Any structural element important to cell shape and movement.
Two most important structural proteins would be:
- Actin filaments
- Microtubules
Describe actin filaments
-Actin filaments are responsible for cell shape and cell shape changes
actin filaments are polar, they have a plus and minus end
-Polymerize and depolymerize from monomers through non-covalent protein interactions
Where are actin filaments found
- Found below the cell membrane
What pairing mediates muscle contractions? How does it work?
Muscle contractions are mediated by actin filaments and myosin.
Myosin heads walk towards the plus end of actin filaments
What is a microtubule?
MTs are larger than actin
They come from the nucleus- are polar with a plus and minus end.
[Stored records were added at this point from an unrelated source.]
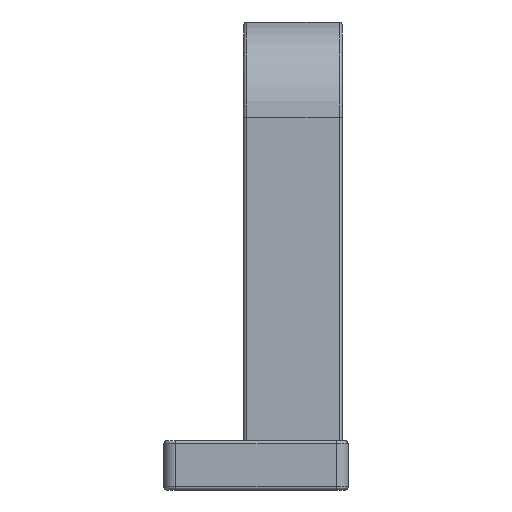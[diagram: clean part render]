
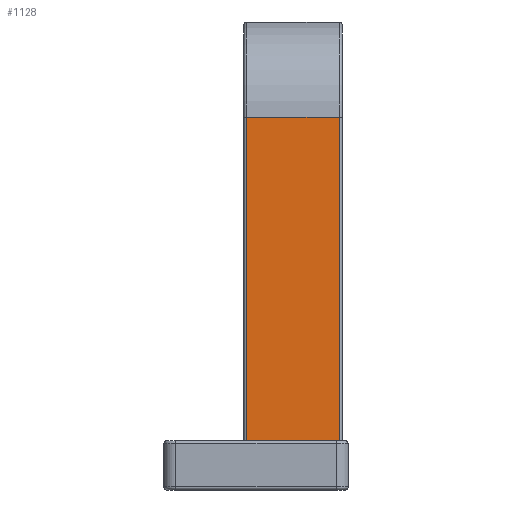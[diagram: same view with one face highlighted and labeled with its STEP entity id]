
A CAD part, left-side view. The second image highlights one B-rep face of the part: STEP entity #1128.
In plain terms, the highlighted planar face has unit normal (-1, 0, 0).
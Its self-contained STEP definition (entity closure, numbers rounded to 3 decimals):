
#110=FACE_OUTER_BOUND('',#184,.T.);
#184=EDGE_LOOP('',(#925,#926,#927,#928));
#357=LINE('',#1953,#439);
#358=LINE('',#1955,#440);
#359=LINE('',#1957,#441);
#360=LINE('',#1958,#442);
#439=VECTOR('',#1578,10.);
#440=VECTOR('',#1579,10.);
#441=VECTOR('',#1580,10.);
#442=VECTOR('',#1581,10.);
#531=VERTEX_POINT('',#1951);
#532=VERTEX_POINT('',#1952);
#533=VERTEX_POINT('',#1954);
#534=VERTEX_POINT('',#1956);
#669=EDGE_CURVE('',#531,#532,#357,.T.);
#670=EDGE_CURVE('',#533,#531,#358,.T.);
#671=EDGE_CURVE('',#533,#534,#359,.T.);
#672=EDGE_CURVE('',#532,#534,#360,.T.);
#925=ORIENTED_EDGE('',*,*,#669,.F.);
#926=ORIENTED_EDGE('',*,*,#670,.F.);
#927=ORIENTED_EDGE('',*,*,#671,.T.);
#928=ORIENTED_EDGE('',*,*,#672,.F.);
#1078=PLANE('',#1263);
#1128=ADVANCED_FACE('',(#110),#1078,.F.);
#1263=AXIS2_PLACEMENT_3D('',#1950,#1576,#1577);
#1576=DIRECTION('center_axis',(1.,0.,0.));
#1577=DIRECTION('ref_axis',(0.,0.,1.));
#1578=DIRECTION('',(0.,1.,0.));
#1579=DIRECTION('',(0.,0.,-1.));
#1580=DIRECTION('',(0.,1.,0.));
#1581=DIRECTION('',(0.,0.,1.));
#1950=CARTESIAN_POINT('Origin',(-549.,-44.,42.));
#1951=CARTESIAN_POINT('',(-549.,-43.5,14.));
#1952=CARTESIAN_POINT('',(-549.,-28.5,14.));
#1953=CARTESIAN_POINT('',(-549.,-35.6,14.));
#1954=CARTESIAN_POINT('',(-549.,-43.5,66.5));
#1955=CARTESIAN_POINT('',(-549.,-43.5,66.5));
#1956=CARTESIAN_POINT('',(-549.,-28.5,66.5));
#1957=CARTESIAN_POINT('',(-549.,-43.5,66.5));
#1958=CARTESIAN_POINT('',(-549.,-28.5,8.));
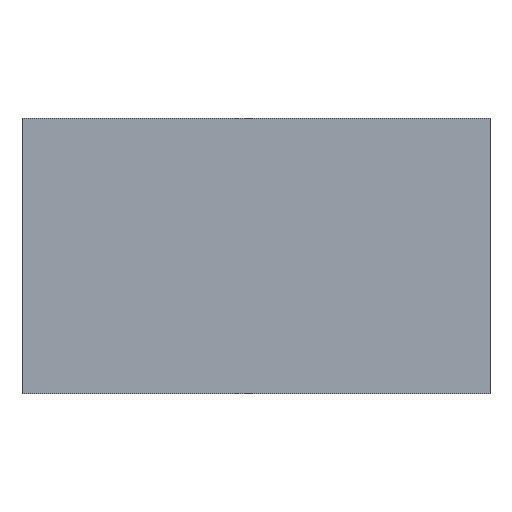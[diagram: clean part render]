
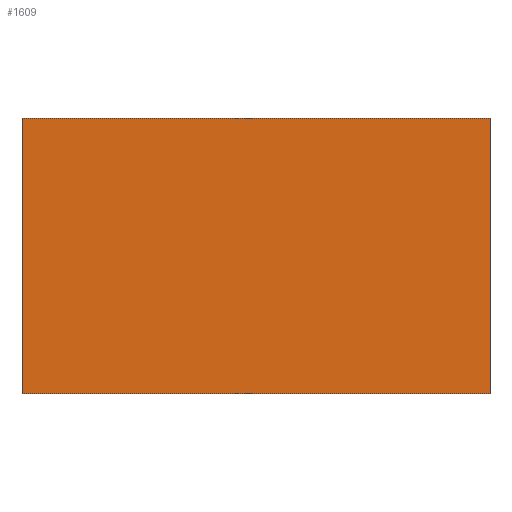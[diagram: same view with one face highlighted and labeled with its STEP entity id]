
A CAD part, left-side view. The second image highlights one B-rep face of the part: STEP entity #1609.
In plain terms, the highlighted planar face has unit normal (-1, 0, 0).
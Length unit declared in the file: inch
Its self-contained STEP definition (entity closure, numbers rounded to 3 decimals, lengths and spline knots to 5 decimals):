
#246=FACE_OUTER_BOUND('',#342,.T.);
#342=EDGE_LOOP('',(#1469,#1470,#1471,#1472));
#466=LINE('',#2913,#608);
#482=LINE('',#3083,#624);
#487=LINE('',#3092,#629);
#488=LINE('',#3093,#630);
#608=VECTOR('',#1890,0.3937);
#624=VECTOR('',#1978,0.3937);
#629=VECTOR('',#1989,0.3937);
#630=VECTOR('',#1990,0.3937);
#751=VERTEX_POINT('',#2906);
#754=VERTEX_POINT('',#2911);
#782=VERTEX_POINT('',#3079);
#784=VERTEX_POINT('',#3082);
#969=EDGE_CURVE('',#751,#754,#466,.T.);
#1012=EDGE_CURVE('',#782,#784,#482,.T.);
#1017=EDGE_CURVE('',#782,#751,#487,.T.);
#1018=EDGE_CURVE('',#784,#754,#488,.T.);
#1469=ORIENTED_EDGE('',*,*,#1017,.T.);
#1470=ORIENTED_EDGE('',*,*,#969,.T.);
#1471=ORIENTED_EDGE('',*,*,#1018,.F.);
#1472=ORIENTED_EDGE('',*,*,#1012,.F.);
#1523=PLANE('',#1698);
#1609=ADVANCED_FACE('',(#246),#1523,.T.);
#1698=AXIS2_PLACEMENT_3D('',#3091,#1987,#1988);
#1890=DIRECTION('',(0.,1.,0.));
#1978=DIRECTION('',(0.,1.,0.));
#1987=DIRECTION('center_axis',(-1.,0.,0.));
#1988=DIRECTION('ref_axis',(0.,0.,1.));
#1989=DIRECTION('',(0.,0.,1.));
#1990=DIRECTION('',(0.,0.,1.));
#2906=CARTESIAN_POINT('',(0.,0.,0.787));
#2911=CARTESIAN_POINT('',(0.,1.338,0.787));
#2913=CARTESIAN_POINT('',(0.,0.,0.787));
#3079=CARTESIAN_POINT('',(0.,0.,0.));
#3082=CARTESIAN_POINT('',(0.,1.338,0.));
#3083=CARTESIAN_POINT('',(0.,0.,0.));
#3091=CARTESIAN_POINT('Origin',(0.,0.,0.));
#3092=CARTESIAN_POINT('',(0.,0.,0.));
#3093=CARTESIAN_POINT('',(0.,1.338,0.));

They organize cells (move organelles and provide tracks for intracellular transport)
Also move chromosomes during cell div
What are the two motor proteins of Microtubules
- Kinesin
- Dynein
They walk in opposite directions
Describe cilia and flagella
- Formed by 9 doublet microtubules and 2 central MTs
- Flagella are found on sperm
- Cilia are found in cells lining the lung, and oviduct and single celled eukaryotes
What is an intermediate filament?
Intermediate filaments are intermediate in size between actin and microtubules- are fairly diverse.
- have no polarity, don’t polymerize or depolymerize
Serve mainly to provide additional mechanical strength to cells (hair)
What are transmembrane proteins?
Protein integrin that binds to extracellular matrix - attaching cells to their environment via focal adhesions
What are focal adhesions?
the adhesion sites of cytoskeleton and extracellular matrix
What are the 4 types of cell-cell junctions?
- gap (create channels)
- tight (seals cells together)
- desmosome
- adherens
Where is the glucose cotransporter and glucose carrier made?
Rough ER, then sorted in golgi to different vesicles
What is main junction involved in use of pacemaker?